For a smaller company, this would be a very tough thing to do — and a very big gamble. For IBM, it's much less of a risk.

A lesson from history

In my view, IBM has a good chance of making this work. I've heard stories about how far the company will go to hold onto customers — here's one told to me by someone who used to work for Digital Equipment Corporation.

This DEC employee was walking through a major British financial institution. They passed a room with a ton of expensive IBM equipment in it, and some gentlemen in suits sitting in chairs reading the newspaper. Then they got to the room with the DEC equipment in it. There were only one or two pieces of hardware, much less than in the IBM room.
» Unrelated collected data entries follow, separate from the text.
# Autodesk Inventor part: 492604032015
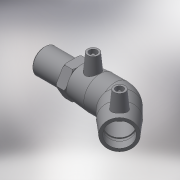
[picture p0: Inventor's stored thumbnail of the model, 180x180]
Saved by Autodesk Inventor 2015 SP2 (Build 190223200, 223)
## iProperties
Created: 2017-06
Part Number: 492604032015
Material: Generic
Description: PLASSON 45° ELBOW TRANSITION MALE 32-1.1/2"
Document SubType Name: Modeling
Designer: KIM
Mass: 130.874 g
Surface Area: 382.97 cm^2
Volume: 130.874 cm^3
Density: 1 g/cm^3
Appearance: Default
Author: KIM
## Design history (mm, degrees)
derived "492604.ipt"
feature "Solid1::492604.ipt"
tag "TaggingFeature1"
body "Solid1"
other parameters: "d2" = 44, "d4" = 23.5, "d5" = 39.6, "d8" = 168 deg, "d10" = 15.6, "d11" = 5.2, "d29" = 43, "d30" = 15, "d31" = 32.9, "d34" = 5 deg, "d41" = 4, "d42" = 14, "d43" = 0, "d49" = 32, "d50" = 20.8, "d51" = 15.6, "d52" = 40.17, "d54" = 135 deg, "d86" = 19.8, "d87" = 135 deg, "d88" = 94, "d90" = 39, "d91" = 0, "d92" = 39, "d93" = 0, "d101" = 3, "d102" = 0, "d107" = 0.1, "d108" = 23, "d109" = 47.803, "d110" = 36, "d111" = 9, "d112" = 57.2, "d113" = 33.4621, "d114" = 32.4, "d116" = 1.32, "d122" = 0, "d123" = 2.39015, "d_" = 32, "L_1" = 39, "D_" = 23, "A_" = 43, "d_2" = 12, "L_2" = 36, "R_" = 47.803, "D_1" = 44
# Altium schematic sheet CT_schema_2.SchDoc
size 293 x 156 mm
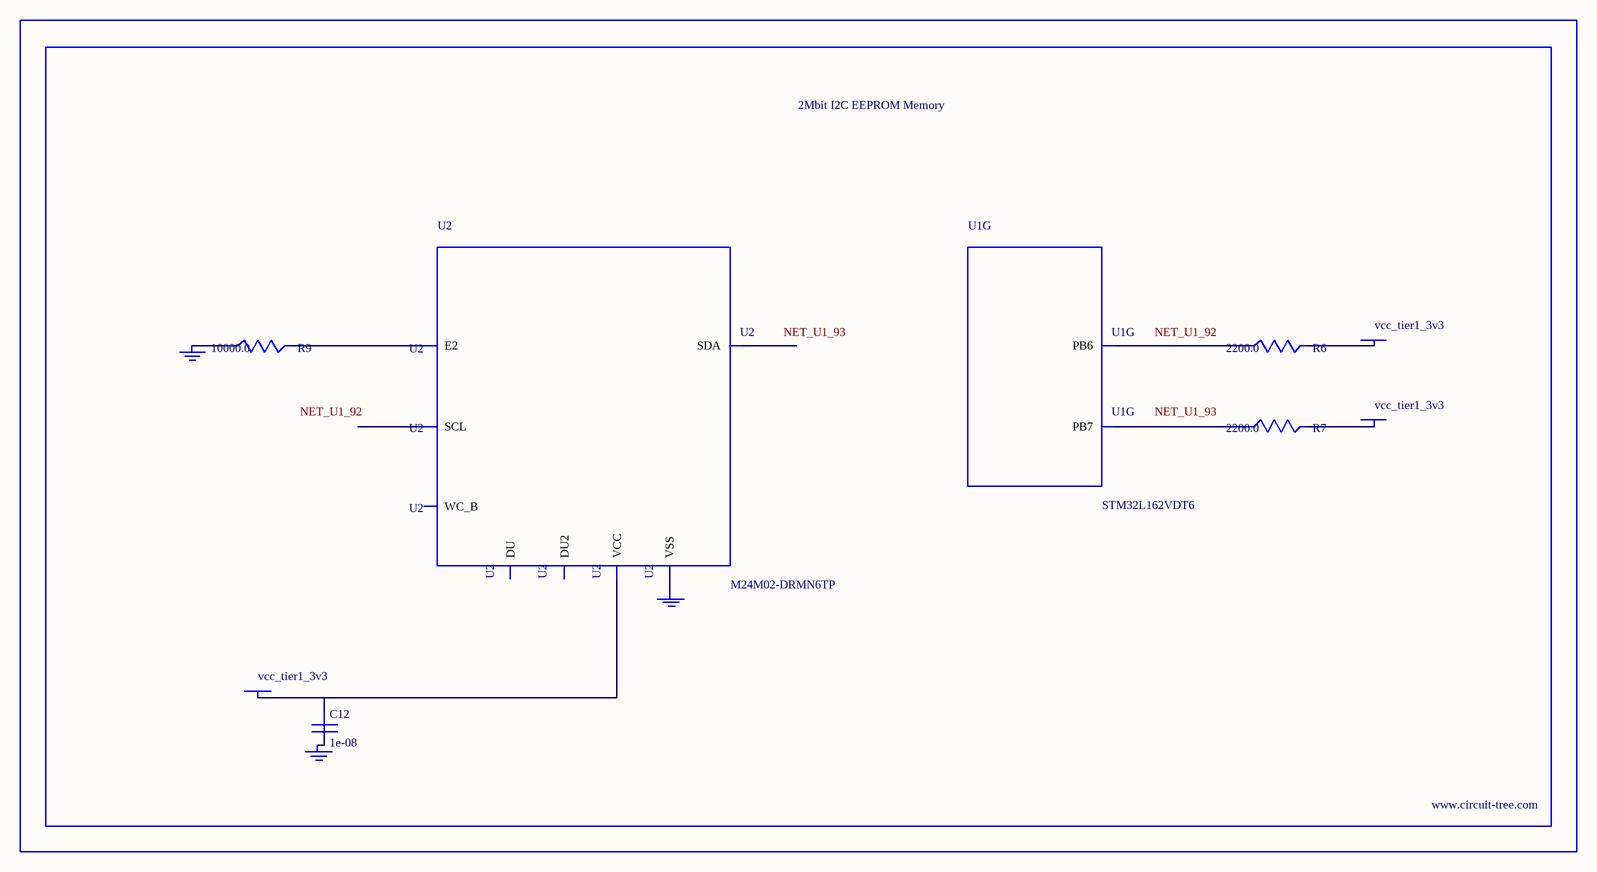
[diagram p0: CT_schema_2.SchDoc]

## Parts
BORDER1  (no value)
C12  1e-08  [C0402]
GND_INSTANCE_1_0  (no value)
GND_INSTANCE_1_1  (no value)
GND_INSTANCE_1_2  (no value)
POWER_INSTANCE_1_0  vcc_tier1_3v3
POWER_INSTANCE_1_1  vcc_tier1_3v3
POWER_INSTANCE_1_2  vcc_tier1_3v3
R6  2200.0  [R0603]
R7  2200.0  [R0603]
R9  10000.0  [R0603]
U1  STM32L162VDT6  [LQFP100]  (part G of 8)
U2  M24M02-DRMN6TP  [SOIC-8]

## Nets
NetC12_1: C12.1 POWER_INSTANCE_1_0.0(PWR) U2.8(VCC)
NetC12_2: C12.2 GND_INSTANCE_1_1.0(GND)
NetGND_INSTANCE_1_0_0: GND_INSTANCE_1_0.0(GND) R9.1
NetGND_INSTANCE_1_2_0: GND_INSTANCE_1_2.0(GND) U2.4(VSS)
NetPOWER_INSTANCE_1_1_0: POWER_INSTANCE_1_1.0(PWR) R6.2
NetPOWER_INSTANCE_1_2_0: POWER_INSTANCE_1_2.0(PWR) R7.2
NetR6_1: R6.1 U1.92(PB6)
NetR7_1: R7.1 U1.93(PB7)
NetR9_2: R9.2 U2.3(E2)

Not connected (* = marked no-connect by the designer): U2 1(DU) 2(DU2) 5(SDA) 6(SCL) 7(WC_B)

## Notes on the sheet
- Labels drawn without touching a wire or pin: NET_U1_92, NET_U1_93

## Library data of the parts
BORDER1 = BORDER_PAGE1
C12 = C0402C103K3RAC
GND_INSTANCE_1_0-GND_INSTANCE_1_2 = GND
POWER_INSTANCE_1_0-POWER_INSTANCE_1_2 = PWR
R6 R7 = RC0603JR-072K2L
R9 = RC0603JR-0710KL

"What gives, guys?" the DEC guy asked the financial institution. "You know our technology is better."

The financial institution then explained that the men sat with the IBM gear were all IBM employees, who spent every day there providing constant onsite technical support. DEC was not large enough to do anything like that. These days, DEC is long gone, and IBM is reporting record revenue.

Sometimes the tech industry is a lot less about technology versus technology and much more about service versus service. IBM is banking on having the people power and expertise to get their stack into service providers.